- _Supplied material_:
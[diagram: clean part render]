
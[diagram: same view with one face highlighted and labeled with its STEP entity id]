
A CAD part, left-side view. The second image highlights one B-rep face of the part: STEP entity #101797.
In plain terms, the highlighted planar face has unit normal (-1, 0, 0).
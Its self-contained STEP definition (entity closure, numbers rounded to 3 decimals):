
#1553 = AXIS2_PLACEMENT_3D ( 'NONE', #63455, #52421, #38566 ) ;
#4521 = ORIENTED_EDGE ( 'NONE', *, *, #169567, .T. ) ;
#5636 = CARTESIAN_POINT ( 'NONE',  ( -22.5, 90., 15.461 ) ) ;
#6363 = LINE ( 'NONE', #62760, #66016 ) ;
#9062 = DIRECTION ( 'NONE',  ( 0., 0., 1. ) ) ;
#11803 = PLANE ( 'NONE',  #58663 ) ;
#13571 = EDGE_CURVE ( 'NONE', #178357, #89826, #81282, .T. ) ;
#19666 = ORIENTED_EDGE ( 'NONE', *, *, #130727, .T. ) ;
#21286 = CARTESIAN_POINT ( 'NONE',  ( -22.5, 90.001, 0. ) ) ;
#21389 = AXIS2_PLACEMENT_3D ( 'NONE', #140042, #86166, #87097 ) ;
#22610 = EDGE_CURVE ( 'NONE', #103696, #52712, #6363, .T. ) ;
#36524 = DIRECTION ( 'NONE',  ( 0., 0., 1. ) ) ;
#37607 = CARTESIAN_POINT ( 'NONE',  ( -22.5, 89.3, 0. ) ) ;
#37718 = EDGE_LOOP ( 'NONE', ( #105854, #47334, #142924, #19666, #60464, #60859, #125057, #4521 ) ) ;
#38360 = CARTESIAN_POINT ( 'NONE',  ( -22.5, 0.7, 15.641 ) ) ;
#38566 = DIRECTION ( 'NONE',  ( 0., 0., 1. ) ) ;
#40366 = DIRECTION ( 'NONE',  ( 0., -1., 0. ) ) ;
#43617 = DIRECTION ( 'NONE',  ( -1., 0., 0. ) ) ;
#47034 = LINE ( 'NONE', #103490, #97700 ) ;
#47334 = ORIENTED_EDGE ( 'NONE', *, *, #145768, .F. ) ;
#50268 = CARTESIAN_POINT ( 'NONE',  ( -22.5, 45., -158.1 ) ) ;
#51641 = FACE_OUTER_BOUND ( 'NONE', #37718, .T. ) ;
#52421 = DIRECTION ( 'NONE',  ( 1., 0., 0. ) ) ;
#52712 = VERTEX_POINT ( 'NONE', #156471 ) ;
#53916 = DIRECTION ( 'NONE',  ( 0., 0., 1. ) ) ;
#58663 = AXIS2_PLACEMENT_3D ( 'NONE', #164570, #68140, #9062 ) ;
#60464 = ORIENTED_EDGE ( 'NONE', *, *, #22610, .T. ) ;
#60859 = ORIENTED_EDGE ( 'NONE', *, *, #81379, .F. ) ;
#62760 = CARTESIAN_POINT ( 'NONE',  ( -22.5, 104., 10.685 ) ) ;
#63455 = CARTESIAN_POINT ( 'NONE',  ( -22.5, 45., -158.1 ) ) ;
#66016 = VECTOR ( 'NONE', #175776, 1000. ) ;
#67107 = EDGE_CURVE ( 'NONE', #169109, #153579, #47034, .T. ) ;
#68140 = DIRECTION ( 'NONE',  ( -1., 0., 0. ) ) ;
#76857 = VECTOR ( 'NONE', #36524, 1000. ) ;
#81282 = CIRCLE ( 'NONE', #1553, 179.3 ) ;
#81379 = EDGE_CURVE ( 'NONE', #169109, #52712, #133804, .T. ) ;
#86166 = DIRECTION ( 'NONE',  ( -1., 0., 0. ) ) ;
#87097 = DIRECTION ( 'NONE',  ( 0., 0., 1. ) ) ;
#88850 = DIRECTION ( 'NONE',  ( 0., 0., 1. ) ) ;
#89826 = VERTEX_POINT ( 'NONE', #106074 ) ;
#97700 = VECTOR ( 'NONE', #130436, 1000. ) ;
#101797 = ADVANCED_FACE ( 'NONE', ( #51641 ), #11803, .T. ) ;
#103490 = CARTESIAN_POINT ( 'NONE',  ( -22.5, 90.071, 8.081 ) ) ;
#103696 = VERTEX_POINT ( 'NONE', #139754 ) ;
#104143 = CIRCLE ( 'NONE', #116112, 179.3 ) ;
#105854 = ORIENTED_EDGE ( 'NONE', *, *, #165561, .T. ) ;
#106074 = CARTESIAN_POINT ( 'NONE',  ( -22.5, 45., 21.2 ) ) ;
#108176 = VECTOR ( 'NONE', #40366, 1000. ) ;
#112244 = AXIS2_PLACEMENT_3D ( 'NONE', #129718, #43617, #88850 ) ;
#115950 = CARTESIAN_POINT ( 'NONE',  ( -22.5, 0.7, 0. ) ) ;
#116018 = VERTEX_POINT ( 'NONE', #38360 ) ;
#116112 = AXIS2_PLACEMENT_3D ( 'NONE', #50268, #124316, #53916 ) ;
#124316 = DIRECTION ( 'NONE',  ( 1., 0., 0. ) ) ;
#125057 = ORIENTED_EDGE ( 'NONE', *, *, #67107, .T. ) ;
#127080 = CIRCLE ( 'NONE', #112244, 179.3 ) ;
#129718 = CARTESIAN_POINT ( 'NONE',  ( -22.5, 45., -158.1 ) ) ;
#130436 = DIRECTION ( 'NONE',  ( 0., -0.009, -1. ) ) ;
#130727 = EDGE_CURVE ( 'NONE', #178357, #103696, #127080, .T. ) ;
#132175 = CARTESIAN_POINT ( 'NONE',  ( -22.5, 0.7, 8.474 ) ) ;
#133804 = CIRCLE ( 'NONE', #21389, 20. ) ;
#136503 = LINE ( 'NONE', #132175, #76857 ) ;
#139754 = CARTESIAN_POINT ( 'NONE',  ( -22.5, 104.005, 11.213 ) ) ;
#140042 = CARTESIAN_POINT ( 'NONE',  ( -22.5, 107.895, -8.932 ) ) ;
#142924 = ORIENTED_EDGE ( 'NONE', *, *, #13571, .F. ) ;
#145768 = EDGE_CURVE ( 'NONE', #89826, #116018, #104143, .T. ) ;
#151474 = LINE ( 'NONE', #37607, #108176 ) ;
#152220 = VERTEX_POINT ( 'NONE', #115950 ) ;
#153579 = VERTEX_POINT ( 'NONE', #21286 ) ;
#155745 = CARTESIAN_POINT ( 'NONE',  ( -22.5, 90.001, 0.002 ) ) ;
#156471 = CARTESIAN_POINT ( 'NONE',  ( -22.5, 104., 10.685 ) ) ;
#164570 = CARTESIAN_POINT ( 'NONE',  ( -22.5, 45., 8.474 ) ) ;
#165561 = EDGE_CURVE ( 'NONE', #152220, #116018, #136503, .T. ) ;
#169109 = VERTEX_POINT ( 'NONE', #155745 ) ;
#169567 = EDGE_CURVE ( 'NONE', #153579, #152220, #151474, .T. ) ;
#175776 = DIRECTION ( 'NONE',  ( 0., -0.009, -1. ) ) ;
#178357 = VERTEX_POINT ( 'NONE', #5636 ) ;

- _Description of the task_: The answer must consist of every line above that contains the word "STEP".

- _Output_:
[diagram: same view with one face highlighted and labeled with its STEP entity id]
A CAD part, left-side view. The second image highlights one B-rep face of the part: STEP entity #101797.
Its self-contained STEP definition (entity closure, numbers rounded to 3 decimals):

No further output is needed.